The proceeds from the sale of the Notes, net of underwriting discounts and commissions or similar applicable compensation, will be used by the Trust to purchase one or more Funding Agreement(s) from Hartford Life. No expenses will be paid from the proceeds of the issuance of the Notes. Hartford Life will pay certain fees, costs and expenses relating to the offering, sale, issuance and services of the Notes and certain costs, expenses and taxes incurred by the Trust.

5. FIXED RATE NOTES ONLY – YIELD

Indication of yield: 5.323%. The yield is calculated at the Issue Date on the basis of the Issue Price. The yield is calculated on a semi-annual basis. It is not an indication of future yield.

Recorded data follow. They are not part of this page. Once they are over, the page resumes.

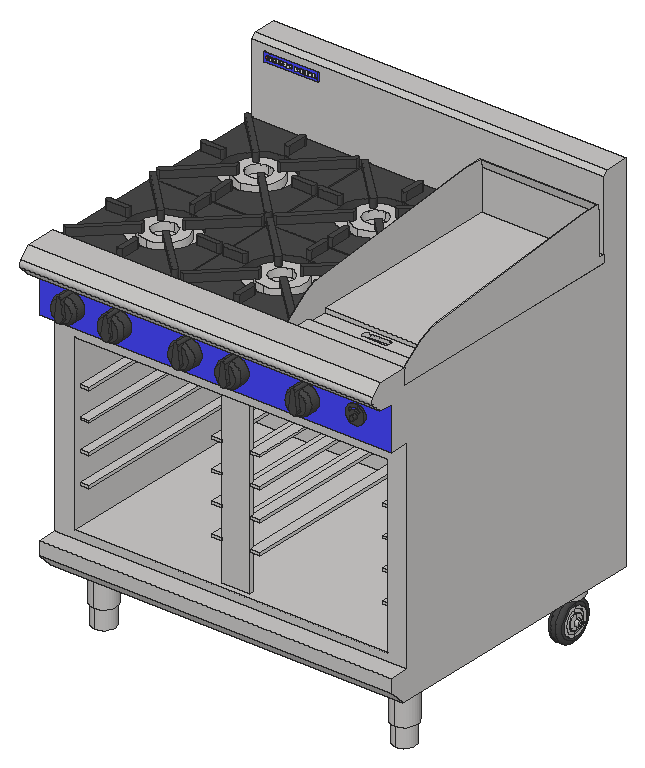
Revit family "QF_MOFFAT_BLUESEAL_CE_G516C-CB", category Specialty Equipment, Revit 2012
Parameters
  Width = 900 mm
  Weight in Pounds = 396  # constant formula
  URL Cutsheet = "www.moffat.com"
  URL = "www.moffat.com"
  Type Mark [instance] = ""
  Status [instance] = ""
  Specification by User [instance] = ""
  Specification by Manufacturer = ""
  Show Logo [instance] = yes
  Show Casters [instance] = yes
  Serial Number = ""
  Seismic Rating = ""
  SMACNA No = ""
  Revision Code [instance] = ""
  Omniclass Number and Title = ""
  NAFEM Spec ID Number = ""
  Model = "G516C-CB"
  Mechanical Remarks = ""
  Mechanical Connection Type = ""
  Masterspec = ""
  Manufacturer = "MOFFAT BLUESEAL"
  Legs [instance] = not(Show Casters)  # no
  Item Number [instance] = ""
  Installed By [instance] = ""
  Identify Quantity as Lot [instance] = yes
  Gas Size = 3/4"
  Gas RI Height = 0 mm
  Gas KW = 36.6
  Gas Input = 125111.0 Btu/h
  Gas Connection Height = 0 mm
  Furnished By [instance] = ""
  Foodservice Equipment Identifier [instance] = yes
  Description = "900MM GAS COOK TOP ON CABINET BASE"
  Depth = 812 mm
  CSI MasterFormat = ""
  CSI Master Format = ""
  Base Height [instance] = 150 mm
Reference planes
  plane 1 "BACK": y = 0
  plane 2: z = 0
  plane 3 "LEFT": x = 0
  plane 4 "RIGHT": x = 900
  plane 5 "FRONT": y = -812
  plane 6 "TOP": z = 970
  plane 7 "Center Y": x = 450
  plane 8 "Center X": y = -406
  plane 9 "Base Height": z = 150
  plane 10: z = 915
  plane 11: z = 1085
  plane 12: z = 740
  plane 13: x = 834
  plane 14: x = 65
  plane 15: y = -625
  plane 16: y = -100
Forms (mm)
  Extrusion 1, solid, material "QF_Finishes_Stainless Steel"
    sketch origin (0, 0, 0) x (0, 1, 0) y (0, 0, 1)
      loop
        line (0, 150) -> (0, 1085) -> (-57.5, 1085) -> (-70, 1072.5) -> (-70, 875) -> (-705.25, 875) -> (-705.25, 915) -> (-783.97, 915) -> (-808.485, 890.485)
        arc (-808.485, 890.485) -> (-811.999, 882) -> (-808.485, 873.515) r 12
        line (-808.485, 873.515) -> (-784.97, 850) -> (-749, 850) -> (-749, 740) -> (-130.5, 740) -> (-130.5, 222.5) -> (-749, 222.5) -> (-749, 186) -> (-713, 150) -> (0, 150)
    from 0 to 900
  Extrusion 2, void
    sketch origin (705, 3, 100) x (1, 0, 0) y (0, 1, 0)
      loop
        circle (65, -35) r 13.5
    from 640 to 570
  Revolve 3, solid, material "QF_Finishes_Black"
    sketch origin (90, 7, 760) x (0, 1, 0) y (0, 0, -1)
      loop
        line (-789, -69.5) -> (-766, -69.5) -> (-766, -42) -> (-756, -42) -> (-756, -37) -> (-800, -37) -> (-800, -63.651) -> (-789, -69.5)
      axis (-800, -37) -> (-756, -37)
    angle from 0 to 360
  Extrusion 4, solid, material "QF_Finishes_Black"
    sketch origin (228.27, 7, 760.158) x (-1, 0, 0) y (0, 0, -1)
      loop
        line (127.85, -26.037) -> (133.271, -68.955)
        arc (133.271, -68.955) -> (138.27, -73.842) -> (143.268, -68.955) r 5
        line (143.268, -68.955) -> (148.757, -24.87)
        arc (148.757, -24.87) -> (137.685, -14.371) -> (127.85, -26.037) r 10.487
    from 759 to 808
  Revolve 5, solid, material "QF_Finishes_Stainless Steel", visible <- "Legs"
    sketch origin (834, -165, 0) x (0, 1, 0) y (0, 0, -1)
      loop
        line (33.25, -150) -> (65, -150) -> (65, 0) -> (37.5, 0) -> (37.5, -50) -> (33.25, -50) -> (33.25, -150)
      axis (65, -150) -> (65, 0)
    angle from 0 to 360
  Revolve 6, solid, material "QF_Finishes_Stainless Steel"
    sketch origin (834, -728, 0) x (0, 1, 0) y (0, 0, -1)
      loop
        line (71.25, -150) -> (103, -150) -> (103, 0) -> (75.5, 0) -> (75.5, -50) -> (71.25, -50) -> (71.25, -150)
      axis (103, -150) -> (103, 0)
    angle from 0 to 360
  Extrusion 7, solid, material "QF_Finishes_Stainless Steel"
    sketch origin (0, -130.5, 735) x (0, 0, 1) y (-1, 0, 0)
      loop
        line (5, -900) -> (5, 0) -> (-512.5, 0) -> (-512.5, -900) -> (5, -900)
      loop
        line (-50, -850) -> (-50, -50) -> (-492.5, -50) -> (-492.5, -850) -> (-50, -850)
    from 0 to 568.5
  Extrusion 8, void
    sketch origin (0, 0, 150) x (-1, 0, 0) y (0, -1, 0)
      loop
        line (-824.497, 87.26) -> (-824.497, -30.24) -> (-694.997, -30.24) -> (-694.997, 38.76) -> (-743.497, 87.26) -> (-824.497, 87.26)
    from 72.5 to 590
  Extrusion 9, solid, material "QF_Finishes_Stainless Steel"
    sketch origin (0, -130.5, 735) x (0, 0, 1) y (-1, 0, 0)
      loop
        line (-50, -485.5) -> (-50, -414.5) -> (-492.5, -414.5) -> (-492.5, -485.5) -> (-50, -485.5)
    from 543.302 to 553.302
  Extrusion 10, solid, material "QF_Finishes_Stainless Steel"
    sketch origin (0, -130.5, 735) x (0, 0, 1) y (-1, 0, 0)
      loop
        line (-246.25, -414.5) -> (-239.9, -414.5) -> (-239.9, -389.5) -> (-246.25, -389.5) -> (-246.25, -414.5)
      loop
        line (-321.25, -414.5) -> (-314.9, -414.5) -> (-314.9, -389.5) -> (-321.25, -389.5) -> (-321.25, -414.5)
      loop
        line (-321.25, -50) -> (-321.25, -75) -> (-314.9, -75) -> (-314.9, -50) -> (-321.25, -50)
      loop
        line (-239.9, -75) -> (-239.9, -50) -> (-246.25, -50) -> (-246.25, -75) -> (-239.9, -75)
      loop
        line (-396.25, -414.5) -> (-389.9, -414.5) -> (-389.9, -389.5) -> (-396.25, -389.5) -> (-396.25, -414.5)
      loop
        line (-396.25, -50) -> (-396.25, -75) -> (-389.9, -75) -> (-389.9, -50) -> (-396.25, -50)
      loop
        line (-171.25, -414.5) -> (-164.9, -414.5) -> (-164.9, -389.5) -> (-171.25, -389.5) -> (-171.25, -414.5)
      loop
        line (-164.9, -75) -> (-164.9, -50) -> (-171.25, -50) -> (-171.25, -75) -> (-164.9, -75)
      loop
        line (-246.25, -485.5) -> (-246.25, -510.5) -> (-239.9, -510.5) -> (-239.9, -485.5) -> (-246.25, -485.5)
      loop
        line (-321.25, -485.5) -> (-321.25, -510.5) -> (-314.9, -510.5) -> (-314.9, -485.5) -> (-321.25, -485.5)
      loop
        line (-321.25, -850) -> (-314.9, -850) -> (-314.9, -825) -> (-321.25, -825) -> (-321.25, -850)
      loop
        line (-239.9, -825) -> (-246.25, -825) -> (-246.25, -850) -> (-239.9, -850) -> (-239.9, -825)
      loop
        line (-396.25, -485.5) -> (-396.25, -510.5) -> (-389.9, -510.5) -> (-389.9, -485.5) -> (-396.25, -485.5)
      loop
        line (-396.25, -850) -> (-389.9, -850) -> (-389.9, -825) -> (-396.25, -825) -> (-396.25, -850)
      loop
        line (-171.25, -485.5) -> (-171.25, -510.5) -> (-164.9, -510.5) -> (-164.9, -485.5) -> (-171.25, -485.5)
      loop
        line (-164.9, -825) -> (-171.25, -825) -> (-171.25, -850) -> (-164.9, -850) -> (-164.9, -825)
    from 0 to 553.302
  Extrusion 11, solid, material "QF_Finishes_Stainless Steel"
    sketch origin (705, -4.5, 740) x (0, 1, 0) y (1, 0, 0)
      loop
        circle (-27.5, 65) r 6.35
    from 0 to 1.6
  Revolve 12, solid, material "QF_Finishes_Stainless Steel", visible <- "Show Casters"
    sketch origin (784.648, -99.755, -13.653) x (1, 0, 0) y (0, 0, 1)
      loop
        line (14.841, 63.604) -> (83.584, 63.604) -> (83.584, 67.109) -> (82.314, 68.379) -> (80.79, 68.379) -> (80.79, 71.826) -> (68.644, 71.826) -> (68.644, 81.79) -> (65.088, 83.843) -> (63.738, 92.179) -> (65.881, 92.179) -> (65.881, 98.529) -> (65.088, 98.529) -> (65.088, 104.879)
        arc (65.088, 104.879) -> (62.298, 111.614) -> (55.563, 114.404) r 9.525
        line (55.563, 114.404) -> (42.863, 114.404)
        arc (42.863, 114.404) -> (36.127, 111.614) -> (33.338, 104.879) r 9.525
        line (33.338, 104.879) -> (33.338, 98.529) -> (32.544, 98.529) -> (32.544, 92.179) -> (34.687, 92.179) -> (33.352, 83.932) -> (29.782, 81.871) -> (29.782, 71.826) -> (17.635, 71.826) -> (17.635, 68.379) -> (16.111, 68.379) -> (14.841, 67.109) -> (14.841, 63.604)
      axis (14.841, 63.604) -> (83.584, 63.604)
    angle from 0 to 360
  Revolve 13, solid, material "QF_Finishes_Stainless Steel", visible <- "Show Casters"
    sketch origin (833.871, -203, 0) x (0, 1, 0) y (0, 0, 1)
      loop
        line (68.25, 150) -> (68.25, 110) -> (104, 110) -> (104, 150) -> (68.25, 150)
      axis (104, 150) -> (104, 110)
    angle from 0 to 360
  Revolve 14, solid, material "QF_Finishes_Stainless Steel", visible <- "Legs"
    sketch origin (65, -165, 0) x (0, 1, 0) y (0, 0, -1)
      loop
        line (33.25, -150) -> (65, -150) -> (65, 0) -> (37.5, 0) -> (37.5, -50) -> (33.25, -50) -> (33.25, -150)
      axis (65, -150) -> (65, 0)
    angle from 0 to 360
  Revolve 15, solid, material "QF_Finishes_Stainless Steel"
    sketch origin (65, -728, 0) x (0, 1, 0) y (0, 0, -1)
      loop
        line (71.25, -150) -> (103, -150) -> (103, 0) -> (75.5, 0) -> (75.5, -50) -> (71.25, -50) -> (71.25, -150)
      axis (103, -150) -> (103, 0)
    angle from 0 to 360
  Revolve 16, solid, material "QF_Finishes_Stainless Steel", visible <- "Show Casters"
    sketch origin (15.648, -99.755, -13.653) x (1, 0, 0) y (0, 0, 1)
      loop
        line (14.841, 63.604) -> (83.584, 63.604) -> (83.584, 67.109) -> (82.314, 68.379) -> (80.79, 68.379) -> (80.79, 71.826) -> (68.644, 71.826) -> (68.644, 81.79) -> (65.088, 83.843) -> (63.738, 92.179) -> (65.881, 92.179) -> (65.881, 98.529) -> (65.088, 98.529) -> (65.088, 104.879)
        arc (65.088, 104.879) -> (62.298, 111.614) -> (55.563, 114.404) r 9.525
        line (55.563, 114.404) -> (42.863, 114.404)
        arc (42.863, 114.404) -> (36.127, 111.614) -> (33.338, 104.879) r 9.525
        line (33.338, 104.879) -> (33.338, 98.529) -> (32.544, 98.529) -> (32.544, 92.179) -> (34.687, 92.179) -> (33.352, 83.932) -> (29.782, 81.871) -> (29.782, 71.826) -> (17.635, 71.826) -> (17.635, 68.379) -> (16.111, 68.379) -> (14.841, 67.109) -> (14.841, 63.604)
      axis (14.841, 63.604) -> (83.584, 63.604)
    angle from 0 to 360
  Revolve 17, solid, material "QF_Finishes_Stainless Steel", visible <- "Show Casters"
    sketch origin (64.871, -203, 0) x (0, 1, 0) y (0, 0, 1)
      loop
        line (68.25, 150) -> (68.25, 110) -> (104, 110) -> (104, 150) -> (68.25, 150)
      axis (104, 150) -> (104, 110)
    angle from 0 to 360
  Revolve 18, solid, material "QF_Finishes_Black"
    sketch origin (390, 7, 760) x (0, 1, 0) y (0, 0, -1)
      loop
        line (-789, -69.5) -> (-766, -69.5) -> (-766, -42) -> (-756, -42) -> (-756, -37) -> (-800, -37) -> (-800, -63.651) -> (-789, -69.5)
      axis (-800, -37) -> (-756, -37)
    angle from 0 to 360
  Extrusion 19, solid, material "QF_Finishes_Black"
    sketch origin (528.27, 7, 760.158) x (-1, 0, 0) y (0, 0, -1)
      loop
        line (127.85, -26.037) -> (133.271, -68.955)
        arc (133.271, -68.955) -> (138.27, -73.842) -> (143.268, -68.955) r 5
        line (143.268, -68.955) -> (148.757, -24.87)
        arc (148.757, -24.87) -> (137.685, -14.371) -> (127.85, -26.037) r 10.487
    from 759 to 808
  Revolve 20, solid, material "QF_Finishes_Black"
    sketch origin (690, 7, 760) x (0, 1, 0) y (0, 0, -1)
      loop
        line (-789, -69.5) -> (-766, -69.5) -> (-766, -42) -> (-756, -42) -> (-756, -37) -> (-800, -37) -> (-800, -63.651) -> (-789, -69.5)
      axis (-800, -37) -> (-756, -37)
    angle from 0 to 360
  Extrusion 21, solid, material "QF_Finishes_Black"
    sketch origin (828.27, 7, 760.158) x (-1, 0, 0) y (0, 0, -1)
      loop
        line (127.85, -26.037) -> (133.271, -68.955)
        arc (133.271, -68.955) -> (138.27, -73.842) -> (143.268, -68.955) r 5
        line (143.268, -68.955) -> (148.757, -24.87)
        arc (148.757, -24.87) -> (137.685, -14.371) -> (127.85, -26.037) r 10.487
    from 759 to 808
  Extrusion 22, solid, material "QF_Finishes_Black"
    sketch origin (0, -749, 850) x (0, 0, -1) y (1, 0, 0)
      loop
        circle (53, 810) r 23.9
      loop
        arc (45.641, 818.419) -> (46.501, 823.219) -> (41.701, 824.079) r 3.448
        arc (41.701, 824.079) -> (35.116, 809.341) -> (42.919, 795.209) r 18.095
        arc (42.919, 795.209) -> (47.641, 796.491) -> (46.326, 801.204) r 3.448
        arc (46.326, 801.204) -> (42.758, 809.683) -> (45.641, 818.419) r 13.109
    from 0 to 5
  Extrusion 23, solid, material "QF_Finishes_Black"
    sketch origin (0, -754, 850) x (0, 0, -1) y (1, 0, 0)
      loop
        circle (56.5, 810) r 5.75
    from 0 to 10
  Revolve 24, solid, material "QF_Finishes_Black"
    sketch origin (210, 7, 760) x (0, 1, 0) y (0, 0, -1)
      loop
        line (-789, -69.5) -> (-766, -69.5) -> (-766, -42) -> (-756, -42) -> (-756, -37) -> (-800, -37) -> (-800, -63.651) -> (-789, -69.5)
      axis (-800, -37) -> (-756, -37)
    angle from 0 to 360
  Extrusion 25, solid, material "QF_Finishes_Black"
    sketch origin (348.27, 7, 760.158) x (-1, 0, 0) y (0, 0, -1)
      loop
        line (127.85, -26.037) -> (133.271, -68.955)
        arc (133.271, -68.955) -> (138.27, -73.842) -> (143.268, -68.955) r 5
        line (143.268, -68.955) -> (148.757, -24.87)
        arc (148.757, -24.87) -> (137.685, -14.371) -> (127.85, -26.037) r 10.487
    from 759 to 808
  Revolve 26, solid, material "QF_Finishes_Black"
    sketch origin (510, 7, 760) x (0, 1, 0) y (0, 0, -1)
      loop
        line (-789, -69.5) -> (-766, -69.5) -> (-766, -42) -> (-756, -42) -> (-756, -37) -> (-800, -37) -> (-800, -63.651) -> (-789, -69.5)
      axis (-800, -37) -> (-756, -37)
    angle from 0 to 360
  Extrusion 27, solid, material "QF_Finishes_Black"
    sketch origin (648.27, 7, 760.158) x (-1, 0, 0) y (0, 0, -1)
      loop
        line (127.85, -26.037) -> (133.271, -68.955)
        arc (133.271, -68.955) -> (138.27, -73.842) -> (143.268, -68.955) r 5
        line (143.268, -68.955) -> (148.757, -24.87)
        arc (148.757, -24.87) -> (137.685, -14.371) -> (127.85, -26.037) r 10.487
    from 759 to 808
Cuts and joins
  Extrusion 2, Extrusion 8 cuts Extrusion 1
  joined: Extrusion 1, Extrusion 7
Lines and regions (mm)
  Split face 1
    outline origin (900, 0, 1085) x (-1, 0, 0) y (0, -1, 0)
      loop
        arc (856, 18.385) -> (864.66, 23.385) -> (864.66, 33.385) r 10
        line (864.66, 33.385) -> (860.619, 40.385)
        arc (860.619, 40.385) -> (856.959, 44.045) -> (851.959, 45.385) r 10
        line (851.959, 45.385) -> (624, 45.385)
        arc (624, 45.385) -> (615.34, 40.385) -> (615.34, 30.385) r 10
        line (615.34, 30.385) -> (619.381, 23.385)
        arc (619.381, 23.385) -> (623.041, 19.725) -> (628.041, 18.385) r 10
        line (628.041, 18.385) -> (856, 18.385)
  Split face 2
    outline origin (900, 0, 1085) x (-1, 0, 0) y (0, -1, 0)
      loop
        arc (44, 45.385) -> (35.34, 40.385) -> (35.34, 30.385) r 10
        line (35.34, 30.385) -> (39.381, 23.385)
        arc (39.381, 23.385) -> (43.041, 19.725) -> (48.041, 18.385) r 10
        line (48.041, 18.385) -> (276, 18.385)
        arc (276, 18.385) -> (284.66, 23.385) -> (284.66, 33.385) r 10
        line (284.66, 33.385) -> (280.619, 40.385)
        arc (280.619, 40.385) -> (276.959, 44.045) -> (271.959, 45.385) r 10
        line (271.959, 45.385) -> (44, 45.385)
  Split face 3
    outline origin (900, 0, 1085) x (-1, 0, 0) y (0, -1, 0)
      loop
        arc (566, 18.385) -> (574.66, 23.385) -> (574.66, 33.385) r 10
        line (574.66, 33.385) -> (570.619, 40.385)
        arc (570.619, 40.385) -> (566.959, 44.045) -> (561.959, 45.385) r 10
        line (561.959, 45.385) -> (334, 45.385)
        arc (334, 45.385) -> (325.34, 40.385) -> (325.34, 30.385) r 10
        line (325.34, 30.385) -> (329.381, 23.385)
        arc (329.381, 23.385) -> (333.041, 19.725) -> (338.041, 18.385) r 10
        line (338.041, 18.385) -> (566, 18.385)
  symbolic lines, style "SpecialityEquipmentHiddenLines", visible <- "Show Casters"
    curve 1: line (78.456, -46.735, 0) -> (105.952, -62.61, 0)
    curve 2: line (27.656, -134.723, 0) -> (78.456, -46.735, 0)
    curve 3: line (55.152, -150.598, 0) -> (27.656, -134.723, 0)
    curve 4: line (105.952, -62.61, 0) -> (55.152, -150.598, 0)
    curve 5: line (847.456, -46.735, 0) -> (874.952, -62.61, 0)
    curve 6: line (796.656, -134.723, 0) -> (847.456, -46.735, 0)
    curve 7: line (824.152, -150.598, 0) -> (796.656, -134.723, 0)
    curve 8: line (874.952, -62.61, 0) -> (824.152, -150.598, 0)
  symbolic lines
    curve 9: line (0, -783.97, 0) -> (900, -783.97, 0)
    curve 10: line (0, -811.999, 0) -> (900, -811.999, 0)
    curve 11: line (0, 0, 0) -> (0, -811.999, 0)
    curve 12: line (900, 0, 0) -> (0, 0, 0)
    curve 13: line (900, -811.999, 0) -> (900, 0, 0)
    curve 14: line (624, -18.385, 0) -> (851.959, -18.385, 0)
    curve 15: arc (851.959, -18.385, 0) -> (856.959, -19.725, 0) -> (860.619, -23.385, 0) r 10
    curve 16: line (860.619, -23.385, 0) -> (864.66, -30.385, 0)
    curve 17: arc (864.66, -30.385, 0) -> (864.66, -40.385, 0) -> (856, -45.385, 0) r 10
    curve 18: line (856, -45.385, 0) -> (628.041, -45.385, 0)
    curve 19: arc (628.041, -45.385, 0) -> (623.041, -44.045, 0) -> (619.381, -40.385, 0) r 10
    curve 20: line (619.381, -40.385, 0) -> (615.34, -33.385, 0)
    curve 21: arc (615.34, -33.385, 0) -> (615.34, -23.385, 0) -> (624, -18.385, 0) r 10
    curve 22: line (561.959, -18.385, 0) -> (334, -18.385, 0)
    curve 23: arc (334, -18.385, 0) -> (325.34, -23.385, 0) -> (325.34, -33.385, 0) r 10
    curve 24: line (325.34, -33.385, 0) -> (329.381, -40.385, 0)
    curve 25: arc (329.381, -40.385, 0) -> (333.041, -44.045, 0) -> (338.041, -45.385, 0) r 10
    curve 26: line (338.041, -45.385, 0) -> (566, -45.385, 0)
    curve 27: arc (566, -45.385, 0) -> (574.66, -40.385, 0) -> (574.66, -30.385, 0) r 10
    curve 28: line (574.66, -30.385, 0) -> (570.619, -23.385, 0)
    curve 29: arc (570.619, -23.385, 0) -> (566.959, -19.725, 0) -> (561.959, -18.385, 0) r 10
    curve 30: line (44, -18.385, 0) -> (271.959, -18.385, 0)
    curve 31: arc (271.959, -18.385, 0) -> (276.959, -19.725, 0) -> (280.619, -23.385, 0) r 10
    curve 32: line (280.619, -23.385, 0) -> (284.66, -30.385, 0)
    curve 33: arc (284.66, -30.385, 0) -> (284.66, -40.385, 0) -> (276, -45.385, 0) r 10
    curve 34: line (276, -45.385, 0) -> (48.041, -45.385, 0)
    curve 35: arc (48.041, -45.385, 0) -> (43.041, -44.045, 0) -> (39.381, -40.385, 0) r 10
    curve 36: line (39.381, -40.385, 0) -> (35.34, -33.385, 0)
    curve 37: arc (35.34, -33.385, 0) -> (35.34, -23.385, 0) -> (44, -18.385, 0) r 10
    curve 38: line (0, -705.25, 0) -> (900, -705.25, 0)
    curve 39: line (0, -57.5, 0) -> (900, -57.5, 0)
    curve 40: line (0, -70, 0) -> (900, -70, 0)
Dimensions and locks
  equal spacing: plane 3 "LEFT", plane 7 "Center Y", plane 4 "RIGHT"
  "Width": plane 3 "LEFT" to plane 4 "RIGHT"
  equal spacing: plane 5 "FRONT", plane 8 "Center X", plane 1 "BACK"
  "Depth": plane 5 "FRONT" to plane 1 "BACK"
  "Base Height": plane 9 "Base Height" to level
  plane 10 to level = 915 mm
  cut or joined group of Extrusion 1, Extrusion 2, Extrusion 7, Extrusion 8 to level = 740 mm
  plane 11 to plane 2 = 1085 mm
  plane 2 to plane 12 = 740 mm
  plane 13 to plane 14 = 769 mm
  plane 16 to plane 15 = 525 mm
  plane 1 "BACK" to plane 16 = 100 mm
  Revolve 12 sketch curve to Revolve 12 sketch curve = 50.8 mm
  Extrusion 11 sketch curve to plane 4 "RIGHT" = 130 mm
  Revolve 16 sketch curve to Revolve 16 sketch curve = 50.8 mm
  Extrusion 11 sketch curve to plane 1 "BACK" = 32 mm
  aligned and locked: level to plane 2
Automatic sketch dimensions
  plane 1 "BACK" to curve 12 = 0 mm
  curve 12 to plane 3 "LEFT" = 0 mm
  curve 10 to plane 4 "RIGHT" = 0 mm
  plane 3 "LEFT" to curve 2 = 27.656 mm
  curve 36 to plane 14 = 29.66 mm
  curve 37 to curve 35 = 4.041 mm  (x2)
  curve 37 to curve 37 = 8.66 mm
  curve 4 to plane 14 = 9.848 mm
  plane 14 to curve 1 = 13.456 mm
  plane 1 "BACK" to curve 30 = 18.385 mm
  curve 1 to curve 30 = 166.007 mm
  curve 31 to curve 34 = 4.041 mm
  curve 30 to curve 31 = 8.66 mm
  plane 1 "BACK" to curve 32 = 30.385 mm
  curve 31 to curve 32 = 4.041 mm
  plane 1 "BACK" to curve 24 = 33.385 mm
  curve 32 to curve 24 = 40.679 mm
  curve 24 to curve 25 = 4.041 mm
  curve 23 to curve 22 = 8.66 mm
  curve 25 to curve 25 = 8.66 mm
  plane 1 "BACK" to curve 29 = 28.385 mm
  plane 7 "Center Y" to curve 29 = 111.959 mm
  curve 29 to curve 27 = 4.041 mm
  curve 22 to curve 29 = 8.66 mm
  plane 1 "BACK" to curve 28 = 30.385 mm
  curve 29 to curve 28 = 4.041 mm
  plane 1 "BACK" to curve 20 = 33.385 mm
  curve 28 to curve 20 = 40.679 mm
  plane 1 "BACK" to curve 20 = 40.385 mm
  curve 20 to curve 20 = 4.041 mm
  curve 20 to curve 21 = 8.66 mm
  curve 21 to curve 19 = 4.041 mm
  curve 6 to plane 13 = 37.344 mm
  curve 8 to plane 13 = 9.848 mm
  plane 13 to curve 6 = 13.456 mm
  plane 13 to curve 15 = 17.959 mm
  curve 15 to curve 17 = 4.041 mm
  curve 14 to curve 16 = 8.66 mm
  curve 16 to curve 16 = 4.041 mm
  curve 35 to curve 30 = 27 mm
  curve 19 to curve 19 = 5 mm
  curve 25 to curve 23 = 12 mm
  curve 1 to curve 35 = 1.35 mm
  curve 5 to curve 17 = 1.35 mm
  curve 39 to plane 16 = 42.5 mm
  curve 8 to curve 39 = 5.11 mm
  curve 1 to curve 1 = 15.875 mm
  curve 40 to curve 39 = 12.5 mm
  plane 15 to curve 38 = 80.25 mm
  curve 9 to plane 5 "FRONT" = 28.03 mm
  curve 10 to plane 5 "FRONT" = 0.001 mm
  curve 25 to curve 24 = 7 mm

6. OPERATIONAL INFORMATION

CUSIP Number(s) 41659MAC3

ISIN Code(s): XS0278673750

Common Code(s): 027867375

Any clearing system(s) other than Euroclear Bank S.A./N.V. and Clearstream Banking Société Anonyme and the relevant identification number(s):

Not Applicable

Delivery: Delivery against payment Names and addresses of additional

Paying Agent(s) (if any): Not Applicable.